* _Data excerpts_
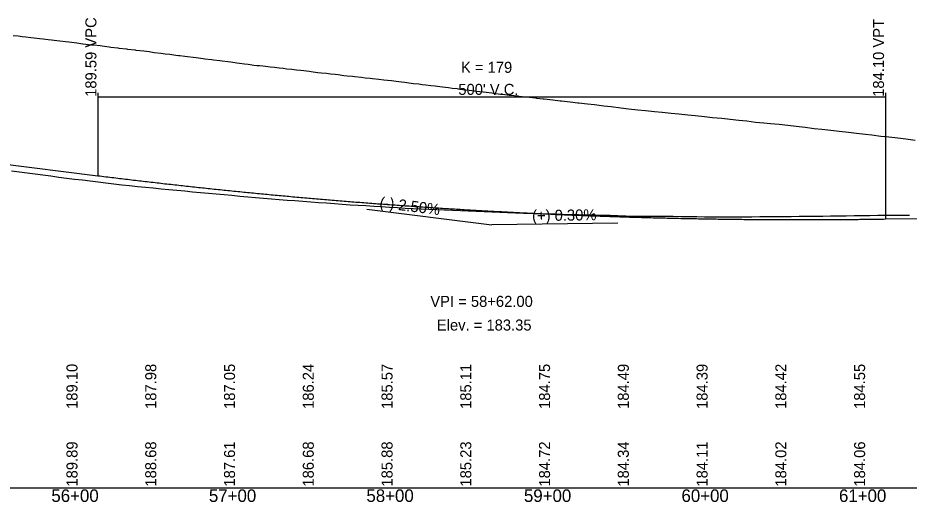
# Model space of a CAD drawing. Extents: x 1876258 to 1932803, y 754739 to 837911.
# Drawn here: x 1882224 to 1882790, y 820541 to 820848 of the extents above; entities that cross this region are included whole.
import ezdxf

# ---------------------------------------------------------------- set-up
doc = ezdxf.new("R2010")
doc.units = 0
for name, color, linetype in [('RD_DDB_GradeTX', 7, 'Continuous'), ('RD_DDB_Profile_EX', 7, 'Continuous'), ('RD_DDB_Profile_Lbl', 7, 'Continuous'), ('RD_DDB_Profile_PR', 7, 'Continuous'), ('RD_DDB_StaTX', 7, 'Continuous'), ('RD_DDB_StripGrade', 7, 'Continuous'), ('RD_DDB_VCLbl', 7, 'Continuous'), ('RD_GPK_Profile_Cell', 7, 'Continuous'), ('RD_Sketch1', 7, 'Continuous')]:
    doc.layers.add(name, color=color, linetype=linetype)

msp = doc.modelspace()

# ---------------------------------------------------------------- linework, layer by layer
at = {"layer": 'RD_DDB_GradeTX'}
for p in [(1882445.7, 820726.77), (1882605.07, 820718.06)]:
    msp.add_line(p, (1882525.08, 820716.86), dxfattribs=at)
at = {"layer": 'RD_DDB_Profile_EX'}
for points in [[(1882220.15, 820751.23), (1882225.15, 820750.53), (1882230.15, 820749.83), (1882235.15, 820749.24), (1882240.15, 820748.65), (1882245.15, 820747.96), (1882250.15, 820747.23), (1882255.15, 820746.53), (1882260.15, 820745.97), (1882265.15, 820745.4), (1882270.15, 820744.77), (1882275.15, 820744.15), (1882280.15, 820743.56), (1882285.15, 820742.97), (1882290.15, 820742.36), (1882295.15, 820741.77), (1882300.15, 820741.26), (1882305.15, 820740.74), (1882310.15, 820740.28), (1882315.15, 820739.84), (1882320.15, 820739.4), (1882325.15, 820738.94), (1882330.15, 820738.44), (1882335.15, 820737.94), (1882340.15, 820737.47), (1882345.15, 820737), (1882350.15, 820736.56), (1882355.15, 820736.12), (1882360.15, 820735.66), (1882365.15, 820735.16), (1882370.15, 820734.66), (1882375.15, 820734.18), (1882380.15, 820733.78), (1882385.15, 820733.38), (1882390.15, 820732.99)], [(1882390.15, 820732.99), (1882395.15, 820732.59), (1882400.15, 820732.25), (1882405.15, 820731.92), (1882410.15, 820731.54), (1882415.15, 820731.16), (1882420.15, 820730.78), (1882425.15, 820730.4), (1882430.15, 820730.03), (1882435.15, 820729.67), (1882440.15, 820729.35), (1882445.15, 820729.09), (1882450.15, 820728.77), (1882455.15, 820728.46), (1882460.15, 820728.16), (1882465.15, 820727.86), (1882470.15, 820727.54), (1882475.15, 820727.22), (1882480.15, 820726.97), (1882485.15, 820726.75), (1882490.15, 820726.57), (1882495.15, 820726.4), (1882500.15, 820726.21), (1882505.15, 820726.03), (1882510.15, 820725.81), (1882515.15, 820725.59), (1882520.15, 820725.37), (1882525.15, 820725.21), (1882530.15, 820724.97), (1882535.15, 820724.72), (1882540.15, 820724.56), (1882545.15, 820724.4), (1882550.15, 820724.25), (1882555.15, 820724.11), (1882560.15, 820723.97), (1882565.15, 820723.83), (1882570.15, 820723.68), (1882575.15, 820723.51), (1882580.15, 820723.39), (1882585.15, 820723.28), (1882590.15, 820723.16), (1882595.15, 820723.05), (1882600.15, 820722.94), (1882605.15, 820722.8), (1882610.15, 820722.65), (1882615.15, 820722.5), (1882620.15, 820722.43), (1882625.15, 820722.38), (1882630.15, 820722.36), (1882635.15, 820722.35), (1882640.15, 820722.32), (1882645.15, 820722.25), (1882650.15, 820722.18), (1882655.15, 820722.11), (1882660.15, 820722.08), (1882665.15, 820722.07), (1882670.15, 820722.06), (1882675.15, 820722.04), (1882680.15, 820722.05), (1882685.15, 820722.05), (1882690.15, 820722.07), (1882695.15, 820722.09), (1882700.15, 820722.11), (1882705.15, 820722.14), (1882710.15, 820722.17), (1882715.15, 820722.24), (1882720.15, 820722.31), (1882725.15, 820722.38), (1882730.15, 820722.45), (1882735.15, 820722.51), (1882740.15, 820722.57), (1882745.15, 820722.64), (1882750.15, 820722.7), (1882755.15, 820722.77), (1882760.15, 820722.84), (1882765.15, 820722.91), (1882770.15, 820722.97), (1882775.15, 820722.99), (1882780.15, 820723), (1882785.15, 820723.01), (1882790.15, 820723.03)]]:
    msp.add_lwpolyline(points, dxfattribs=at)
at = {"layer": 'RD_DDB_Profile_PR'}
for p, q in [((1881558.08, 820837.6), (1882275.08, 820748.07)), ((1882775.08, 820720.61), (1883513.81, 820731.69))]:
    msp.add_line(p, q, dxfattribs=at)
msp.add_spline([(1882275.08, 820748.07), (1882285.08, 820746.84), (1882295.08, 820745.63), (1882305.08, 820744.45), (1882315.08, 820743.3), (1882325.08, 820742.18), (1882335.08, 820741.08), (1882345.08, 820740.02), (1882355.08, 820738.98), (1882365.08, 820737.97), (1882375.08, 820736.98), (1882385.08, 820736.03), (1882395.08, 820735.1), (1882405.08, 820734.2), (1882415.08, 820733.33), (1882425.08, 820732.49), (1882435.08, 820731.67), (1882445.08, 820730.89), (1882455.08, 820730.13), (1882465.08, 820729.4), (1882475.08, 820728.69), (1882485.08, 820728.02), (1882495.08, 820727.37), (1882505.08, 820726.75), (1882515.08, 820726.16), (1882525.08, 820725.6), (1882535.08, 820725.06), (1882545.08, 820724.55), (1882555.08, 820724.08), (1882565.08, 820723.62), (1882575.08, 820723.2), (1882585.08, 820722.8), (1882595.08, 820722.44), (1882605.08, 820722.1), (1882615.08, 820721.79), (1882625.08, 820721.5), (1882635.08, 820721.25), (1882645.08, 820721.02), (1882655.08, 820720.82), (1882665.08, 820720.65), (1882675.08, 820720.5), (1882685.08, 820720.39), (1882695.08, 820720.3), (1882705.08, 820720.24), (1882715.08, 820720.21), (1882725.08, 820720.21), (1882735.08, 820720.23), (1882745.08, 820720.28), (1882755.08, 820720.36), (1882765.08, 820720.47), (1882775.08, 820720.61)], degree=3, dxfattribs=at)
at = {"layer": 'RD_DDB_VCLbl'}
for p, q in [((1882275.08, 820800.57), (1882275.08, 820748.07)), ((1882775.08, 820800.57), (1882775.08, 820720.61)), ((1882275.08, 820798.07), (1882775.08, 820798.07))]:
    msp.add_line(p, q, dxfattribs=at)
at = {"layer": 'RD_GPK_Profile_Cell'}
msp.add_line((1878363.08, 820550.13), (1884763.08, 820550.13), dxfattribs=at)
at = {"layer": 'RD_Sketch1'}
msp.add_lwpolyline([(1882221.33, 820837), (1882224.33, 820836.68), (1882226.87, 820836.38), (1882229.17, 820836.11), (1882232.39, 820835.75), (1882234.62, 820835.51), (1882237.92, 820835.13), (1882240.2, 820834.86), (1882243.46, 820834.45), (1882245.65, 820834.16), (1882248.97, 820833.77), (1882250.92, 820833.54), (1882254.48, 820833.14), (1882256.58, 820832.9), (1882260.02, 820832.48), (1882261.71, 820832.27), (1882265.55, 820831.79), (1882267.28, 820831.57), (1882271.05, 820831.14), (1882272.4, 820830.99), (1882276.56, 820830.56), (1882277.77, 820830.44), (1882282.14, 820829.81), (1882283.18, 820829.66), (1882287.64, 820829.11), (1882288.4, 820829.01), (1882293.14, 820828.5), (1882293.86, 820828.42), (1882298.68, 820827.82), (1882299.08, 820827.77), (1882304.14, 820827.22), (1882304.21, 820827.21), (1882307.5, 820826.79), (1882309.77, 820826.43), (1882310.84, 820826.26), (1882315.25, 820825.72), (1882317.63, 820825.43), (1882320.77, 820825.05), (1882324.6, 820824.6), (1882326.29, 820824.41), (1882327, 820824.32), (1882330.19, 820823.9), (1882331.83, 820823.69), (1882335.51, 820823.21), (1882337.35, 820822.97), (1882341.83, 820822.41), (1882342.87, 820822.28), (1882347.3, 820821.72), (1882348.4, 820821.58), (1882352.5, 820821.06), (1882353.91, 820820.9), (1882357.49, 820820.48), (1882359.45, 820820.22), (1882363.24, 820819.73), (1882364.99, 820819.48), (1882368.18, 820819.02), (1882370.5, 820818.71), (1882374.12, 820818.22), (1882375.98, 820818.04), (1882377.7, 820817.87), (1882379.67, 820817.68), (1882381.51, 820817.47), (1882384.48, 820817.14), (1882387.04, 820816.86), (1882390.09, 820816.52), (1882392.57, 820816.24), (1882395, 820815.95), (1882398.09, 820815.59), (1882401.08, 820815.24), (1882403.61, 820814.95), (1882405.74, 820814.71), (1882409.15, 820814.28), (1882411.72, 820813.95), (1882414.65, 820813.63), (1882416.75, 820813.4), (1882420.17, 820813.04), (1882422.73, 820812.76), (1882425.72, 820812.4), (1882427.5, 820812.18), (1882431.24, 820811.71), (1882433.28, 820811.45), (1882436.74, 820811.1), (1882437.99, 820810.97), (1882442.28, 820810.48), (1882444.61, 820810.21), (1882447.79, 820809.87), (1882449.29, 820809.7), (1882453.32, 820809.26), (1882456.5, 820808.9), (1882458.84, 820808.65), (1882461.32, 820808.37), (1882464.38, 820807.99), (1882467.7, 820807.58), (1882469.89, 820807.32), (1882472.42, 820807.03), (1882475.43, 820806.65), (1882478.67, 820806.24), (1882480.94, 820805.97), (1882483.21, 820805.71), (1882486.46, 820805.33), (1882489.06, 820805.02), (1882491.99, 820804.68), (1882493.69, 820804.48), (1882497.53, 820803.98), (1882499.93, 820803.66), (1882503.04, 820803.28), (1882504.89, 820803.05), (1882508.58, 820802.54), (1882510.72, 820802.24), (1882514.08, 820801.86), (1882515.37, 820801.71), (1882519.59, 820801.26), (1882521.56, 820801.05), (1882525.13, 820800.62), (1882526.25, 820800.48), (1882530.67, 820799.88), (1882532.12, 820799.68), (1882536.16, 820799.25), (1882536.93, 820799.17), (1882541.69, 820798.63), (1882542.34, 820798.55), (1882546.79, 820798.04), (1882547.21, 820797.99), (1882552.74, 820797.38), (1882553.39, 820797.31), (1882557.69, 820796.89), (1882558.27, 820796.82), (1882563.79, 820796.16), (1882563.85, 820796.16), (1882568.45, 820795.63), (1882569.32, 820795.53), (1882574.84, 820794.87), (1882574.92, 820794.86), (1882579.75, 820794.3), (1882580.35, 820794.23), (1882585.81, 820793.61), (1882585.87, 820793.61), (1882590.36, 820793.13), (1882596.29, 820792.37), (1882600.82, 820791.86), (1882607, 820791.11), (1882611.79, 820790.54), (1882617.81, 820789.95), (1882622.75, 820789.43), (1882628.36, 820788.83), (1882633.31, 820788.27), (1882638.98, 820787.73), (1882643.86, 820787.27), (1882649.58, 820786.68), (1882654.27, 820786.2), (1882660.16, 820785.55), (1882665.25, 820785.04), (1882671.11, 820784.49), (1882676.43, 820783.93), (1882681.91, 820783.37), (1882686.9, 820782.81), (1882692.54, 820782.12), (1882695.07, 820781.85), (1882697.85, 820781.55), (1882701.98, 820781.16), (1882707.53, 820780.68), (1882712.97, 820780.14), (1882718.41, 820779.48), (1882723.95, 820778.75), (1882729.76, 820778.09), (1882734.62, 820777.56), (1882740.3, 820776.91), (1882745.71, 820776.27), (1882751.57, 820775.63), (1882756.71, 820775.1), (1882762.29, 820774.45), (1882766.28, 820773.94), (1882772.16, 820773.21), (1882777.13, 820772.63), (1882782.76, 820772), (1882788.01, 820771.43), (1882793.77, 820770.7)], dxfattribs=at)
msp.add_lwpolyline([(1882221.33, 820837), (1882224.33, 820836.68), (1882226.87, 820836.38), (1882229.17, 820836.11), (1882232.39, 820835.75), (1882234.62, 820835.51), (1882237.92, 820835.13), (1882240.2, 820834.86), (1882243.46, 820834.45), (1882245.65, 820834.16), (1882248.97, 820833.77), (1882250.92, 820833.54), (1882254.48, 820833.14), (1882256.58, 820832.9), (1882260.02, 820832.48), (1882261.71, 820832.27), (1882265.55, 820831.79), (1882267.28, 820831.57), (1882271.05, 820831.14), (1882272.4, 820830.99), (1882276.56, 820830.56), (1882277.77, 820830.44), (1882282.14, 820829.81), (1882283.18, 820829.66), (1882287.64, 820829.11), (1882288.4, 820829.01), (1882293.14, 820828.5), (1882293.86, 820828.42), (1882298.68, 820827.82), (1882299.08, 820827.77), (1882304.14, 820827.22), (1882304.21, 820827.21), (1882307.5, 820826.79), (1882309.77, 820826.43), (1882310.84, 820826.26), (1882315.25, 820825.72), (1882317.63, 820825.43), (1882320.77, 820825.05), (1882324.6, 820824.6), (1882326.29, 820824.41), (1882327, 820824.32), (1882330.19, 820823.9), (1882331.83, 820823.69), (1882335.51, 820823.21), (1882337.35, 820822.97), (1882341.83, 820822.41), (1882342.87, 820822.28), (1882347.3, 820821.72), (1882348.4, 820821.58), (1882352.5, 820821.06), (1882353.91, 820820.9), (1882357.49, 820820.48), (1882359.45, 820820.22), (1882363.24, 820819.73), (1882364.99, 820819.48), (1882368.18, 820819.02), (1882370.5, 820818.71), (1882374.12, 820818.22), (1882375.98, 820818.04), (1882377.7, 820817.87), (1882379.67, 820817.68), (1882381.51, 820817.47), (1882384.48, 820817.14), (1882387.04, 820816.86), (1882390.09, 820816.52), (1882392.57, 820816.24), (1882395, 820815.95), (1882398.09, 820815.59), (1882401.08, 820815.24), (1882403.61, 820814.95), (1882405.74, 820814.71), (1882409.15, 820814.28), (1882411.72, 820813.95), (1882414.65, 820813.63), (1882416.75, 820813.4), (1882420.17, 820813.04), (1882422.73, 820812.76), (1882425.72, 820812.4), (1882427.5, 820812.18), (1882431.24, 820811.71), (1882433.28, 820811.45), (1882436.74, 820811.1), (1882437.99, 820810.97), (1882442.28, 820810.48), (1882444.61, 820810.21), (1882447.79, 820809.87), (1882449.29, 820809.7), (1882453.32, 820809.26), (1882456.5, 820808.9), (1882458.84, 820808.65), (1882461.32, 820808.37), (1882464.38, 820807.99), (1882467.7, 820807.58), (1882469.89, 820807.32), (1882472.42, 820807.03), (1882475.43, 820806.65), (1882478.67, 820806.24), (1882480.94, 820805.97), (1882483.21, 820805.71), (1882486.46, 820805.33), (1882489.06, 820805.02), (1882491.99, 820804.68), (1882493.69, 820804.48), (1882497.53, 820803.98), (1882499.93, 820803.66), (1882503.04, 820803.28), (1882504.89, 820803.05), (1882508.58, 820802.54), (1882510.72, 820802.24), (1882514.08, 820801.86), (1882515.37, 820801.71), (1882519.59, 820801.26), (1882521.56, 820801.05), (1882525.13, 820800.62), (1882526.25, 820800.48), (1882530.67, 820799.88), (1882532.12, 820799.68), (1882536.16, 820799.25), (1882536.93, 820799.17), (1882541.69, 820798.63), (1882542.34, 820798.55), (1882546.79, 820798.04), (1882547.21, 820797.99), (1882552.74, 820797.38), (1882553.39, 820797.31), (1882557.69, 820796.89), (1882558.27, 820796.82), (1882563.79, 820796.16), (1882563.85, 820796.16), (1882568.45, 820795.63), (1882569.32, 820795.53), (1882574.84, 820794.87), (1882574.92, 820794.86), (1882579.75, 820794.3), (1882580.35, 820794.23), (1882585.81, 820793.61), (1882585.87, 820793.61), (1882590.36, 820793.13), (1882596.29, 820792.37), (1882600.82, 820791.86), (1882607, 820791.11), (1882611.79, 820790.54), (1882617.81, 820789.95), (1882622.75, 820789.43), (1882628.36, 820788.83), (1882633.31, 820788.27), (1882638.98, 820787.73), (1882643.86, 820787.27), (1882649.58, 820786.68), (1882654.27, 820786.2), (1882660.16, 820785.55), (1882665.25, 820785.04), (1882671.11, 820784.49), (1882676.43, 820783.93), (1882681.91, 820783.37), (1882686.9, 820782.81), (1882692.54, 820782.12), (1882695.07, 820781.85), (1882697.85, 820781.55), (1882701.98, 820781.16), (1882707.53, 820780.68), (1882712.97, 820780.14), (1882718.41, 820779.48), (1882723.95, 820778.75), (1882729.76, 820778.09), (1882734.62, 820777.56), (1882740.3, 820776.91), (1882745.71, 820776.27), (1882751.57, 820775.63), (1882756.71, 820775.1), (1882762.29, 820774.45), (1882766.28, 820773.94), (1882772.16, 820773.21), (1882777.13, 820772.63), (1882782.76, 820772), (1882788.01, 820771.43), (1882793.77, 820770.7)], dxfattribs=at)
msp.add_lwpolyline([(1882221.33, 820837), (1882224.33, 820836.68), (1882226.87, 820836.38), (1882229.17, 820836.11), (1882232.39, 820835.75), (1882234.62, 820835.51), (1882237.92, 820835.13), (1882240.2, 820834.86), (1882243.46, 820834.45), (1882245.65, 820834.16), (1882248.97, 820833.77), (1882250.92, 820833.54), (1882254.48, 820833.14), (1882256.58, 820832.9), (1882260.02, 820832.48), (1882261.71, 820832.27), (1882265.55, 820831.79), (1882267.28, 820831.57), (1882271.05, 820831.14), (1882272.4, 820830.99), (1882276.56, 820830.56), (1882277.77, 820830.44), (1882282.14, 820829.81), (1882283.18, 820829.66), (1882287.64, 820829.11), (1882288.4, 820829.01), (1882293.14, 820828.5), (1882293.86, 820828.42), (1882298.68, 820827.82), (1882299.08, 820827.77), (1882304.14, 820827.22), (1882304.21, 820827.21), (1882307.5, 820826.79), (1882309.77, 820826.43), (1882310.84, 820826.26), (1882315.25, 820825.72), (1882317.63, 820825.43), (1882320.77, 820825.05), (1882324.6, 820824.6), (1882326.29, 820824.41), (1882327, 820824.32), (1882330.19, 820823.9), (1882331.83, 820823.69), (1882335.51, 820823.21), (1882337.35, 820822.97), (1882341.83, 820822.41), (1882342.87, 820822.28), (1882347.3, 820821.72), (1882348.4, 820821.58), (1882352.5, 820821.06), (1882353.91, 820820.9), (1882357.49, 820820.48), (1882359.45, 820820.22), (1882363.24, 820819.73), (1882364.99, 820819.48), (1882368.18, 820819.02), (1882370.5, 820818.71), (1882374.12, 820818.22), (1882375.98, 820818.04), (1882377.7, 820817.87), (1882379.67, 820817.68), (1882381.51, 820817.47), (1882384.48, 820817.14), (1882387.04, 820816.86), (1882390.09, 820816.52), (1882392.57, 820816.24), (1882395, 820815.95), (1882398.09, 820815.59), (1882401.08, 820815.24), (1882403.61, 820814.95), (1882405.74, 820814.71), (1882409.15, 820814.28), (1882411.72, 820813.95), (1882414.65, 820813.63), (1882416.75, 820813.4), (1882420.17, 820813.04), (1882422.73, 820812.76), (1882425.72, 820812.4), (1882427.5, 820812.18), (1882431.24, 820811.71), (1882433.28, 820811.45), (1882436.74, 820811.1), (1882437.99, 820810.97), (1882442.28, 820810.48), (1882444.61, 820810.21), (1882447.79, 820809.87), (1882449.29, 820809.7), (1882453.32, 820809.26), (1882456.5, 820808.9), (1882458.84, 820808.65), (1882461.32, 820808.37), (1882464.38, 820807.99), (1882467.7, 820807.58), (1882469.89, 820807.32), (1882472.42, 820807.03), (1882475.43, 820806.65), (1882478.67, 820806.24), (1882480.94, 820805.97), (1882483.21, 820805.71), (1882486.46, 820805.33), (1882489.06, 820805.02), (1882491.99, 820804.68), (1882493.69, 820804.48), (1882497.53, 820803.98), (1882499.93, 820803.66), (1882503.04, 820803.28), (1882504.89, 820803.05), (1882508.58, 820802.54), (1882510.72, 820802.24), (1882514.08, 820801.86), (1882515.37, 820801.71), (1882519.59, 820801.26), (1882521.56, 820801.05), (1882525.13, 820800.62), (1882526.25, 820800.48), (1882530.67, 820799.88), (1882532.12, 820799.68), (1882536.16, 820799.25), (1882536.93, 820799.17), (1882541.69, 820798.63), (1882542.34, 820798.55), (1882546.79, 820798.04), (1882547.21, 820797.99), (1882552.74, 820797.38), (1882553.39, 820797.31), (1882557.69, 820796.89), (1882558.27, 820796.82), (1882563.79, 820796.16), (1882563.85, 820796.16), (1882568.45, 820795.63), (1882569.32, 820795.53), (1882574.84, 820794.87), (1882574.92, 820794.86), (1882579.75, 820794.3), (1882580.35, 820794.23), (1882585.81, 820793.61), (1882585.87, 820793.61), (1882590.36, 820793.13), (1882596.29, 820792.37), (1882600.82, 820791.86), (1882607, 820791.11), (1882611.79, 820790.54), (1882617.81, 820789.95), (1882622.75, 820789.43), (1882628.36, 820788.83), (1882633.31, 820788.27), (1882638.98, 820787.73), (1882643.86, 820787.27), (1882649.58, 820786.68), (1882654.27, 820786.2), (1882660.16, 820785.55), (1882665.25, 820785.04), (1882671.11, 820784.49), (1882676.43, 820783.93), (1882681.91, 820783.37), (1882686.9, 820782.81), (1882692.54, 820782.12), (1882695.07, 820781.85), (1882697.85, 820781.55), (1882701.98, 820781.16), (1882707.53, 820780.68), (1882712.97, 820780.14), (1882718.41, 820779.48), (1882723.95, 820778.75), (1882729.76, 820778.09), (1882734.62, 820777.56), (1882740.3, 820776.91), (1882745.71, 820776.27), (1882751.57, 820775.63), (1882756.71, 820775.1), (1882762.29, 820774.45), (1882766.28, 820773.94), (1882772.16, 820773.21), (1882777.13, 820772.63), (1882782.76, 820772), (1882788.01, 820771.43), (1882793.77, 820770.7)], dxfattribs=at)

# ---------------------------------------------------------------- texts
at = {"layer": 'RD_DDB_GradeTX'}
for s, rotation, p in [('(-) 2.50%', 352.8826, (1882453.57, 820727.8)), ('(+) 0.30%', 0.8594, (1882550.72, 820719.24))]:
    msp.add_text(s, height=7, rotation=rotation, dxfattribs=at).set_placement(p)
at = {"layer": 'RD_DDB_Profile_Lbl'}
for s, p in [('VPI = 58+62.00', (1882486.06, 820664.86)), ('Elev. = 183.35', (1882490.22, 820649.86))]:
    msp.add_text(s, height=7, dxfattribs=at).set_placement(p)
at = {"layer": 'RD_DDB_StaTX'}
for s, p in [('56+00', (1882245.49, 820541.13)), ('57+00', (1882345.49, 820541.13)), ('58+00', (1882445.49, 820541.13)), ('59+00', (1882545.49, 820541.13)), ('60+00', (1882645.49, 820541.13)), ('61+00', (1882745.49, 820541.13))]:
    msp.add_text(s, height=8, dxfattribs=at).set_placement(p)
at = {"layer": 'RD_DDB_StripGrade'}
for s, p in [('189.59 VPC', (1882274.08, 820798.07)), ('184.10 VPT', (1882774.08, 820798.07)), ('189.10', (1882262.08, 820600.13)), ('187.98', (1882312.08, 820600.13)), ('187.05', (1882362.08, 820600.13)), ('186.24', (1882412.08, 820600.13)), ('185.57', (1882462.08, 820600.13)), ('185.11', (1882512.08, 820600.13)), ('184.75', (1882562.08, 820600.13)), ('184.49', (1882612.08, 820600.13)), ('184.39', (1882662.08, 820600.13)), ('184.42', (1882712.08, 820600.13)), ('184.55', (1882762.08, 820600.13)), ('189.89', (1882262.08, 820550.88)), ('188.68', (1882312.08, 820550.88)), ('187.61', (1882362.08, 820550.88)), ('186.68', (1882412.08, 820550.88)), ('185.88', (1882462.08, 820550.88)), ('185.23', (1882512.08, 820550.88)), ('184.72', (1882562.08, 820550.88)), ('184.34', (1882612.08, 820550.88)), ('184.11', (1882662.08, 820550.88)), ('184.02', (1882712.08, 820550.88)), ('184.06', (1882762.08, 820550.88))]:
    msp.add_text(s, height=7, rotation=90, dxfattribs=at).set_placement(p)
at = {"layer": 'RD_DDB_VCLbl'}
for s, p in [('K = 179', (1882505.52, 820813.32)), ("500' V.C.", (1882503.83, 820799.32))]:
    msp.add_text(s, height=7, dxfattribs=at).set_placement(p)

doc.saveas('drawing.dxf')

* _YOUR ASSIGNMENT_
Answer with one number: how many lines of the entries above include the word "linetype".

* _TASK ANSWER_
2